How much of the time do you spend on memo and execution?
Did you compile and learn a full list of letter pairs? This takes a lot of time but it has the potential to also save a lot of time during memorization.

As you memo in groups of three cubes, maybe you can go for 16 cubes next. Note that you can memo cubes 13-15 less often than the other cubes and solve them immediately after your 3BLD solve. Then continue with 1-12. This is a general concept in MBLD: fewer reviews for cubes that need to be memorized for a shorter amount of time.


----------



## Garf (Dec 10, 2021)

ProyectoSigma said:


> A couple of days I do my best attempt in Multi-Blind (12/13 in 44:13), now, I'm trying to do 17/17, but I don't know how to improve my memo system, I do it like that:
> 
> 1-3 memo
> 1-3 Review
> ...


You could memorize the cubes as houses. Each house (5-6 cubes) with it's own special room that you can easily memo.


----------



## ProyectoSigma (Dec 11, 2021)

TheEpicCuber said:


> You could memorize the cubes as houses. Each house (5-6 cubes) with it's own special room that you can easily memo.


That's what I do:

6 cubes = 1 house


----------



## ProyectoSigma (Dec 11, 2021)

Habsen said:


> How much of the time do you spend on memo and execution?
> Did you compile and learn a full list of letter pairs? This takes a lot of time but it has the potential to also save a lot of time during memorization.
> 
> As you memo in groups of three cubes, maybe you can go for 16 cubes next. Note that you can memo cubes 13-15 less often than the other cubes and solve them immediately after your 3BLD solve. Then continue with 1-12. This is a general concept in MBLD: fewer reviews for cubes that need to be memorized for a shorter amount of time.


-The memo Between 35-40 min, the excecution Sub-10
-Not at all, of 498 words for Multi-Blind I know 342 (registred), but I need to complete it, it's a few hard because my languaje is "very perfect" (Spanish)
-I didn't get you example, sorry


----------



## abunickabhi (Dec 11, 2021)

ProyectoSigma said:


> A couple of days I do my best attempt in Multi-Blind (12/13 in 44:13), now, I'm trying to do 17/17, but I don't know how to improve my memo system, I do it like that:
> 
> 1-3 memo
> 1-3 Review
> ...


I think not doing actual MBLD attempts help.

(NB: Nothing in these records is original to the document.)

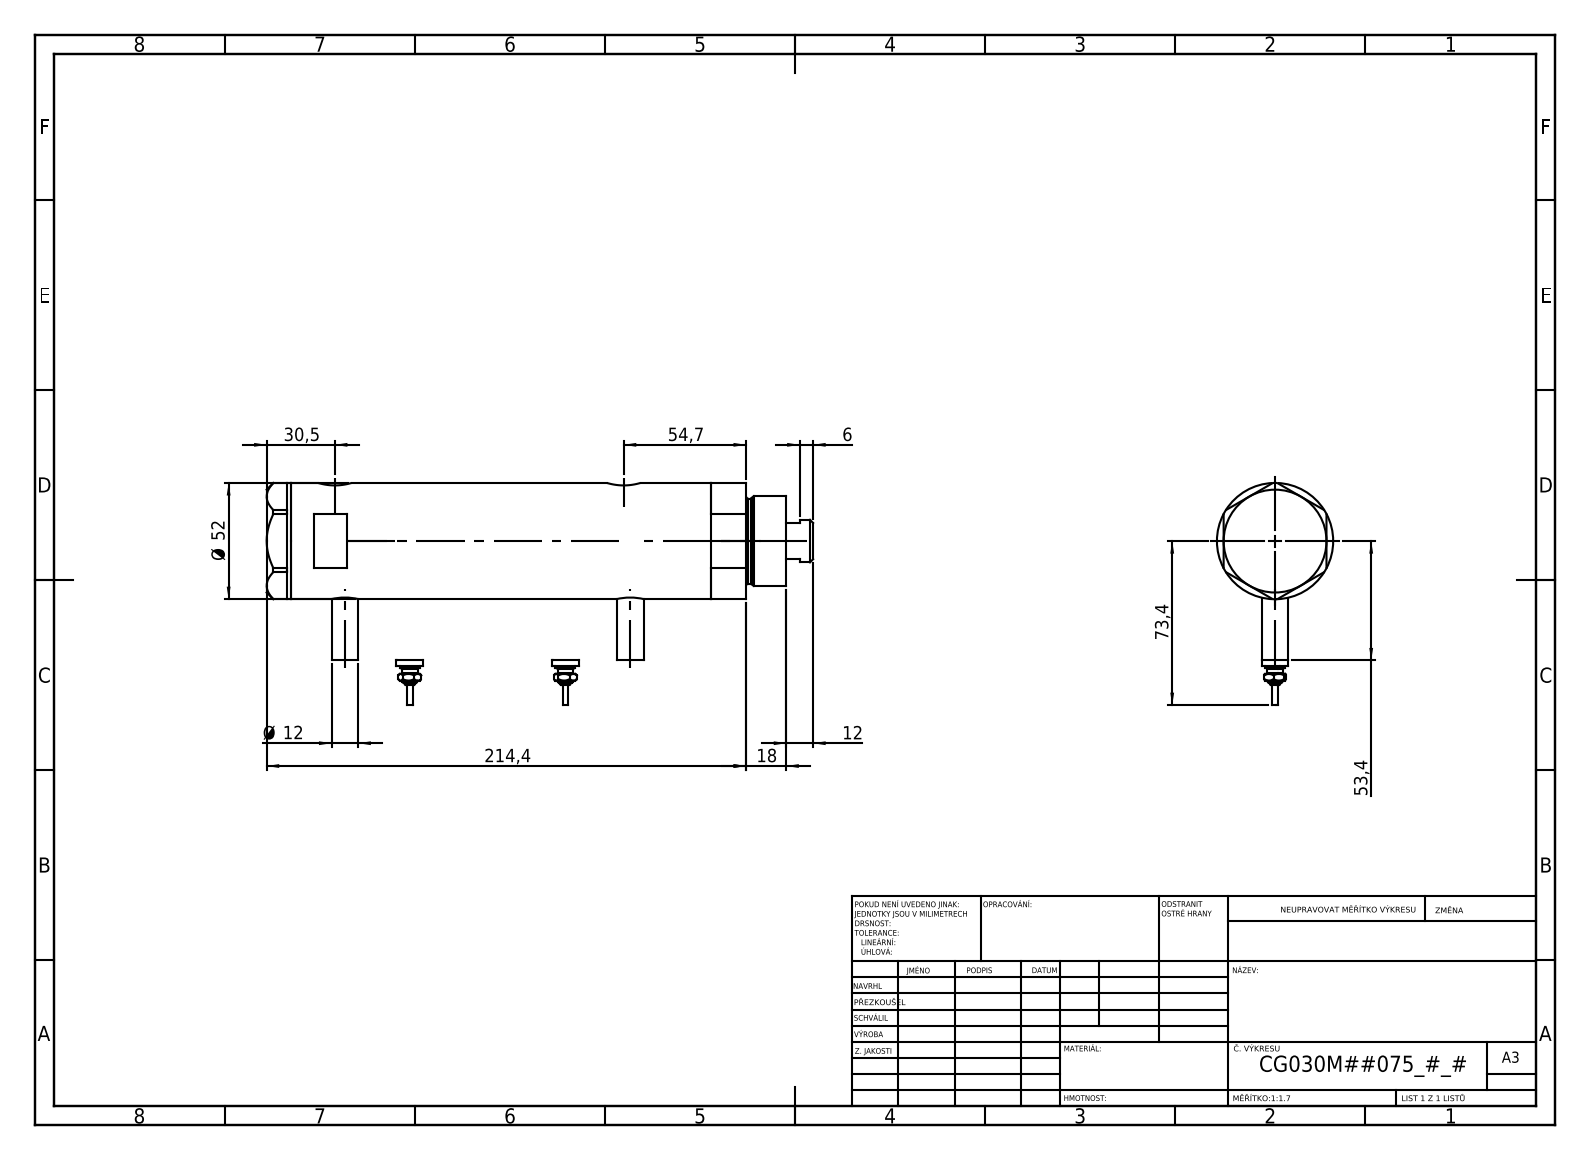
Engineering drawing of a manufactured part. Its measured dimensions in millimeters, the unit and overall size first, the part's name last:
Units: millimetres
Overall size (bounding box): 244.4 × 99.4 × 52
Round holes (diameter × count): ⌀9.73 ×2, ⌀12.5 ×2, ⌀15 ×2, ⌀6.5 ×1, ⌀20 ×1, ⌀21.5 ×1, ⌀30 ×1, ⌀33 ×1, ⌀44 ×1
Round bosses / shafts (diameter × count): ⌀12 ×4, ⌀9 ×2, ⌀7 ×2, ⌀4.5 ×2, ⌀2.5 ×2, ⌀52 ×1, ⌀40 ×1, ⌀38 ×1
Main face-to-face distances: 151.5, 23.8, 127.7, 11, 34.8, 162.5, 46, 36.4, 198.9, 187.9
Hole centre spacings: 2.9, 4.5, 124.7, 127.6, 129.2, 132.1
Volume: 450 686 mm³ · Surface area: 99 611 mm²
Bodies: 6 solids, 226 faces (93 planar, 69 cylindrical, 64 other)
Part name (STEP PRODUCT): V270CG_MIDDLE; V270CG_VC; Switch; V270CG_FRONT (+1 more)
STEP written by: SolidWorks 2019 (CONFIG_CONTROL_DESIGN)

Have you tried to sit down and just analyse your letter pairs, or tried to practise memorising a string of letter pairs without a cube as training.

It helps me a lot. https://bestsiteever.ru/memotest/ is a nice tool developed by Roman, it is good to just practise raw memorizing and fine tuning it.


----------



## ProyectoSigma (Dec 12, 2021)

abunickabhi said:


> I think not doing actual MBLD attempts help.
> 
> Have you tried to sit down and just analyse your letter pairs, or tried to practise memorising a string of letter pairs without a cube as training.
> 
> It helps me a lot. https://bestsiteever.ru/memotest/ is a nice tool developed by Roman, it is good to just practise raw memorizing and fine tuning it.


Yo Abhi! Imma take your commentary, thx!!!


----------



## AnthonyRochester (Dec 13, 2021)

When I do strong memo of 16 cubes I look at each of those cubes 4 times:
1 2 1 2 3 4 3 4 1 2 3 4
And then the same for each row of 4
And then review all 16
Then you can do a 3bld at the end before executing 1-16

Also I highly recommend making a list of letter pair words, it saves time in thinking about what to imagine. My list is over 500 items long so it does take some time.


----------



## willian_pessoa (Jan 1, 2022)

to 17/17 you can do:

1-4 memo/review
5-8 memo/review
9-12 memo/review
1-12 mental review
1-12 (another review if you wanna go safer)

13-16 memo/review

17 memo

exec 17
exec 13-16
exec 1-12


-How can I improve my memo?
Do a list of images/words. Sit just with paper and pen and going fill each letter pair, try to write more than one image/word per pair. After that, the hard pairs you can search online. With this, you just going to spend time putting the images in the locis because you already have the images/words ready. 

-Should do I still doing 13/13 attemps until some Sub-minutes (Like Sub-40, 35 or even Sub-30)?
I like to do small attempts(2, 4 or 8 cubes) to force my speed memorization and normal attempts closed to an hour.

-How do you recomended guys to use a memo system basing than I use (13/13) for 17/17 attempts?
I would switch to 4 cube blocks, it would be easy to migrate to 8 cubes later.


----------